"Bunda, berhenti salahkan Zi, ini bukan salah Zi,!" seru Salmah sambil menarik lembut Nilam. Mereka berhenti di depan kamar Salmah.
"Terus kalau bukan dia, kenapa kamu bisa berdarah? Mana lukanya?" tanya Nilan bertubi-tubi.
"Salmah nggak luka, Bunda. Tadi malah Zi yang nolongin Salmah, Zi minta tolong ke ibu-ibu untuk tolongin Salmah karena tadi Salmah nangis terus, Salmah bikin Zi panik. Terus kami di bawa ke rumah ibu-ibu itu, tinggalnya di depan kompleks, nggak jauh. Ibu-ibu tadi udah tolongin Salmah, udah di kasih pembalut, nggak berdarah lagi, Bunda."

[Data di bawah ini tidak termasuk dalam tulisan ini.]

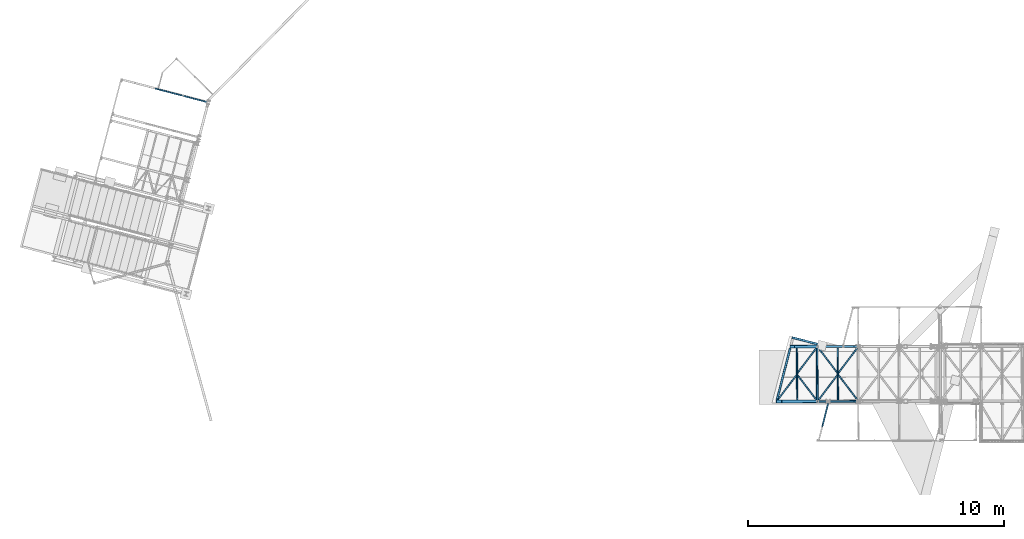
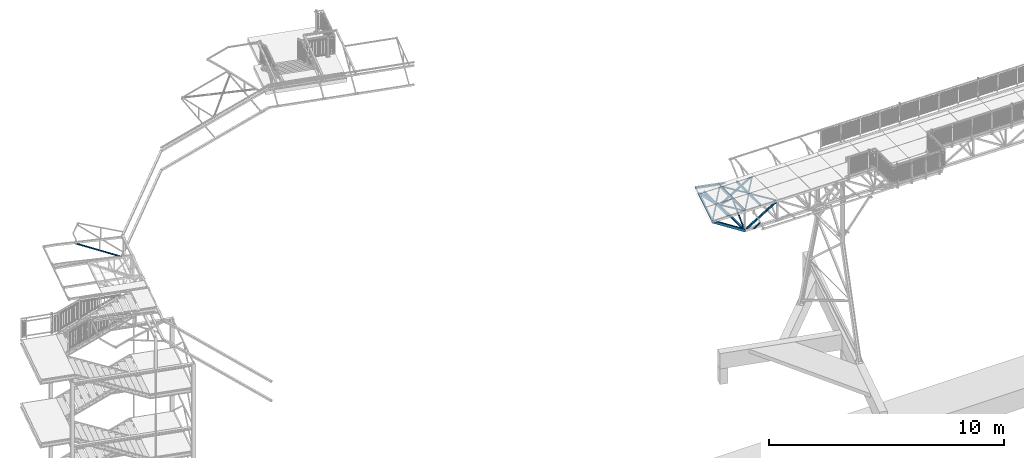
# One storey, part 49 of 169: 21 discrete accessories, 3 elements without a shape of their own.
"""IFC2X3 building model written with IfcOpenShell, lengths in millimetres."""

import ifcopenshell
import ifcopenshell.guid

model = None  # the IFC model being written
_history = None  # IfcOwnerHistory: only IFC2X3 demands one
_inside = {}  # id of a spatial element -> (the spatial element, [elements in it])
_under = {}  # id of a project, library or spatial element -> (it, [spatial elements below it])
_declared = {}  # id of a project -> (the project, [libraries it declares])
_typed = {}  # id of a type object -> (the type object, [elements of that type])
_made_of = {}  # id of a material, layer set ... -> (it, [elements and type objects made of it])


def new_model(schema):
    """Start an empty IFC model of exactly this schema.

    Asked for "IFC4X3", IfcOpenShell would pick the latest addendum, in which some entities
    have other attributes; the version numbers below select the first issue.
    IFC2X3 requires an IfcOwnerHistory on every rooted entity: one is made here for all.
    """
    global model, _history
    if schema == "IFC4X3":
        model = ifcopenshell.file(schema_version=(4, 3, 0, 0))
    else:
        model = ifcopenshell.file(schema=schema)
    _inside.clear()
    _under.clear()
    _declared.clear()
    _typed.clear()
    _made_of.clear()
    _history = None
    if model.schema == "IFC2X3":
        org = make("IfcOrganization", Name="unknown")
        user = make(
            "IfcPersonAndOrganization",
            ThePerson=make("IfcPerson", FamilyName="unknown"),
            TheOrganization=org,
        )
        app = make(
            "IfcApplication",
            ApplicationDeveloper=org,
            Version="unknown",
            ApplicationFullName="unknown",
            ApplicationIdentifier="unknown",
        )
        _history = make(
            "IfcOwnerHistory",
            OwningUser=user,
            OwningApplication=app,
            ChangeAction="ADDED",
            CreationDate=0,
        )
    return model


def make(cls, **values):
    """One entity of the class cls with the attributes given. An attribute that is None is left unset."""
    return model.create_entity(
        cls, **{name: value for name, value in values.items() if value is not None}
    )


def rooted(cls, **values):
    """An entity with a GlobalId (a new one), such as an element, a storey or a relation."""
    return make(cls, GlobalId=ifcopenshell.guid.new(), OwnerHistory=_history, **values)


def si_unit(unit_type, name, prefix=None):
    """IfcSIUnit, for example si_unit("LENGTHUNIT", "METRE", prefix="MILLI")."""
    return make("IfcSIUnit", UnitType=unit_type, Prefix=prefix, Name=name)


def assignment(units):
    """IfcUnitAssignment: the units of a project."""
    return None if units is None else make("IfcUnitAssignment", Units=units)


def point(xyz):
    """IfcCartesianPoint."""
    return None if xyz is None else make("IfcCartesianPoint", Coordinates=xyz)


def direction(xyz):
    """IfcDirection."""
    return None if xyz is None else make("IfcDirection", DirectionRatios=xyz)


def frame(location, z_axis=None, x_axis=None):
    """IfcAxis2Placement3D, a coordinate frame: its origin and axes. An axis left out is left unset."""
    return make(
        "IfcAxis2Placement3D",
        Location=point(location),
        Axis=direction(z_axis),
        RefDirection=direction(x_axis),
    )


def frame_2d(location, x_axis=None):
    """IfcAxis2Placement2D, a coordinate frame in the plane: its origin and x axis."""
    return make(
        "IfcAxis2Placement2D", Location=point(location), RefDirection=direction(x_axis)
    )


def origin_with_axes():
    """The frame at (0, 0, 0) with the z axis (0, 0, 1) and the x axis (1, 0, 0) written out."""
    return frame((0.0, 0.0, 0.0), z_axis=(0.0, 0.0, 1.0), x_axis=(1.0, 0.0, 0.0))


def origin_2d_with_axis():
    """The frame at (0, 0) in the plane with the x axis (1, 0) written out."""
    return frame_2d((0.0, 0.0), x_axis=(1.0, 0.0))


def place(relative_to, where):
    """IfcLocalPlacement: puts the frame where relative to a parent placement (None: the world)."""
    return make(
        "IfcLocalPlacement", PlacementRelTo=relative_to, RelativePlacement=where
    )


def context(
    kind, dimensions, precision=None, world=None, true_north=None, identifier=None
):
    """IfcGeometricRepresentationContext, for example the 3D "Model" context."""
    return make(
        "IfcGeometricRepresentationContext",
        ContextIdentifier=identifier,
        ContextType=kind,
        CoordinateSpaceDimension=dimensions,
        Precision=precision,
        WorldCoordinateSystem=world,
        TrueNorth=true_north,
    )


def subcontext(parent, identifier, kind, view, scale=None):
    """IfcGeometricRepresentationSubContext, for example "Body" below "Model"."""
    return make(
        "IfcGeometricRepresentationSubContext",
        ContextIdentifier=identifier,
        ContextType=kind,
        ParentContext=parent,
        TargetScale=scale,
        TargetView=view,
    )


def project(units=None, contexts=None):
    """IfcProject with its units and contexts."""
    return rooted(
        "IfcProject",
        Name="project",
        RepresentationContexts=contexts,
        UnitsInContext=assignment(units),
    )


def spatial(cls, under=None, at=None, **own):
    """A site, building, storey or space (cls), placed at a placement, below another one or the project."""
    s = rooted(cls, ObjectPlacement=at, **own)
    if under is not None:
        _under.setdefault(under.id(), (under, []))[1].append(s)
    return s


def polyline(points):
    """IfcPolyline through the points."""
    return make("IfcPolyline", Points=[point(p) for p in points])


def profile(cls, at=None, kind="AREA", **sizes):
    """A parametric profile (cls). Its sizes go by their IFC names, for example OverallWidth=200.0."""
    return make(cls, ProfileType=kind, Position=at, **sizes)


def rectangle(**sizes):
    """IfcRectangleProfileDef."""
    return profile("IfcRectangleProfileDef", **sizes)


def hollow_rectangle(**sizes):
    """IfcRectangleHollowProfileDef."""
    return profile("IfcRectangleHollowProfileDef", **sizes)


def outline(outer, holes=None, kind="AREA"):
    """IfcArbitraryClosedProfileDef: a profile drawn as a closed curve; with holes, ...WithVoids."""
    if holes is None:
        return make("IfcArbitraryClosedProfileDef", ProfileType=kind, OuterCurve=outer)
    return make(
        "IfcArbitraryProfileDefWithVoids",
        ProfileType=kind,
        OuterCurve=outer,
        InnerCurves=holes,
    )


def extrude(swept, where, along, depth):
    """IfcExtrudedAreaSolid: the profile swept, set in the frame where, extruded along a direction by depth."""
    return make(
        "IfcExtrudedAreaSolid",
        SweptArea=swept,
        Position=where,
        ExtrudedDirection=direction(along),
        Depth=depth,
    )


def boolean(op, a, b):
    """IfcBooleanResult of two solids."""
    return make("IfcBooleanResult", Operator=op, FirstOperand=a, SecondOperand=b)


def clip(a, b, op="DIFFERENCE"):
    """IfcBooleanClippingResult: the solid a cut by the half space b."""
    return make(
        "IfcBooleanClippingResult", Operator=op, FirstOperand=a, SecondOperand=b
    )


def halfspace(plane, agree):
    """IfcHalfSpaceSolid: all space on one side of the plane z = 0 of the frame plane."""
    return make(
        "IfcHalfSpaceSolid",
        BaseSurface=make("IfcPlane", Position=plane),
        AgreementFlag=agree,
    )


def shape(context_of_items, identifier, shape_type, items):
    """IfcShapeRepresentation: the items that make up one representation, for example the "Body"."""
    return make(
        "IfcShapeRepresentation",
        ContextOfItems=context_of_items,
        RepresentationIdentifier=identifier,
        RepresentationType=shape_type,
        Items=items,
    )


def material(Name=None, Category=None):
    """IfcMaterial."""
    return make("IfcMaterial", Name=Name, Category=Category)


def made_of(thing, what):
    """Note that an element or type object is made of a material, layer set ...; save() writes the relation."""
    if what is not None:
        _made_of.setdefault(what.id(), (what, []))[1].append(thing)
    return thing


def type_object(cls, material=None, **own):
    """A type object (cls), such as IfcWallType, which elements share."""
    return made_of(rooted(cls, **own), material)


def element(
    cls,
    number,
    at=None,
    inside=None,
    cuts=None,
    type_object=None,
    material=None,
    context=None,
    identifier="Body",
    shape_type=None,
    held_by="IfcProductDefinitionShape",
    body=None,
    shapes=None,
    **own,
):
    """One element of the class cls, such as IfcWall. Its Tag is "e" and its number.

    at: its placement. inside: the storey or other place that contains it. cuts: it is an
    opening in that element (IfcRelVoidsElement). A single representation is given by context,
    identifier, shape_type and body (its items); several are given by shapes. held_by: the class
    of the entity that holds the representations. save() writes the other relations.
    """
    e = rooted(cls, Tag="e%d" % number, ObjectPlacement=at, **own)
    if body is not None:
        shapes = [shape(context, identifier, shape_type, body)]
    if shapes is not None:
        e.Representation = make(held_by, Representations=shapes)
    if inside is not None:
        _inside.setdefault(inside.id(), (inside, []))[1].append(e)
    if cuts is not None:
        rooted(
            "IfcRelVoidsElement", RelatingBuildingElement=cuts, RelatedOpeningElement=e
        )
    if type_object is not None:
        _typed.setdefault(type_object.id(), (type_object, []))[1].append(e)
    return made_of(e, material)


def aggregate(whole, parts):
    """IfcRelAggregates: a whole, such as a stair, and the parts it consists of."""
    return rooted("IfcRelAggregates", RelatingObject=whole, RelatedObjects=parts)


def save(model, path):
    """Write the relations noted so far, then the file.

Nilam terkejut di akhir kalimat Salmah. "Pembalut?"
"Iya, ibu tadi bilang Salmah udah jadi gadis dewasa, menstruasi apa sih Bunda?" bingung Salmah.
Akhirnya Nilam mengajak Salmah masuk ke kamar mandi. Ia terkejut ternyata Salmah benar-benar menginjak masa pubertasnya. Umur Salmah masih kecil, tapi karena metabolisme tubuhnya yang bagus masih memungkinkan pubertas.
Kemudian Nilam menjelaskan pada Salmah sambi menyejajarkan tinggi badannya dengan Salmah. "Sal, Bunda seneng banget dengan kabar ini. Sekarang kamu udah pubertas, yang artinya sudah menjadi seorang gadis dewasa. Menstruasi biasanya datang sebulan sekali dalam beberapa hari, jadi Salmah harus pakai pembalut biar nggak nembus ke roknya." Nilam tadi sempat melihat bercak di rok bagian belakang Salmah.
"Kenapa harus begitu bun?" Salmah memiringkan wajahnya.
"Iya, karena sel telur yang tidak dibuahi akan keluar melalui menstruasi," jelas Nilam.
Salmah semakin bingung.
"Nanti di kelas tingkat berikutnya, kamu bakal belajar soal ini di sekolah, jadi suatu saat kamu akan lebih mengerti. Pesan Bunda sekarang kamu harus jaga diri, jangan terlalu dekat dengan laki-laki."
"Kenapa, Bun?"
Nilam tersenyum kecut. Hal ini mengingatkannya pada tragedi beberapa tahun silam. Ia mengelus kepala dan wajah anaknya.
"Untuk menghindari hal yang tidak diinginkan. Pokoknya Salmah harus hati-hati, ya."
Salmah mengangguk walau belum mengerti sepenuhnya.
"Emang berdarah terus nggak bahaya, Bun?" tanya Salmah.
"Nggak, sayang. Normal." Nilam tersenyum.
"Nggak perlu khawatir Salmah," lanjutnya.
"Baik, Bunda."
"Nanti bunda ajarin cara pakai pembalut dan membersihkannya, ya, Nak."
Salmah mengangguk sambil tersenyum.
***
Azizah yang baru saja membongkar isi ransel di ranjangnya kini beralih pada Salmah yang baru saja kembali ke kamar. Lantas ia menghampirinya karena masih khawatir.
"Kak Salmah darahnya udah berhenti?" tanya Azizah.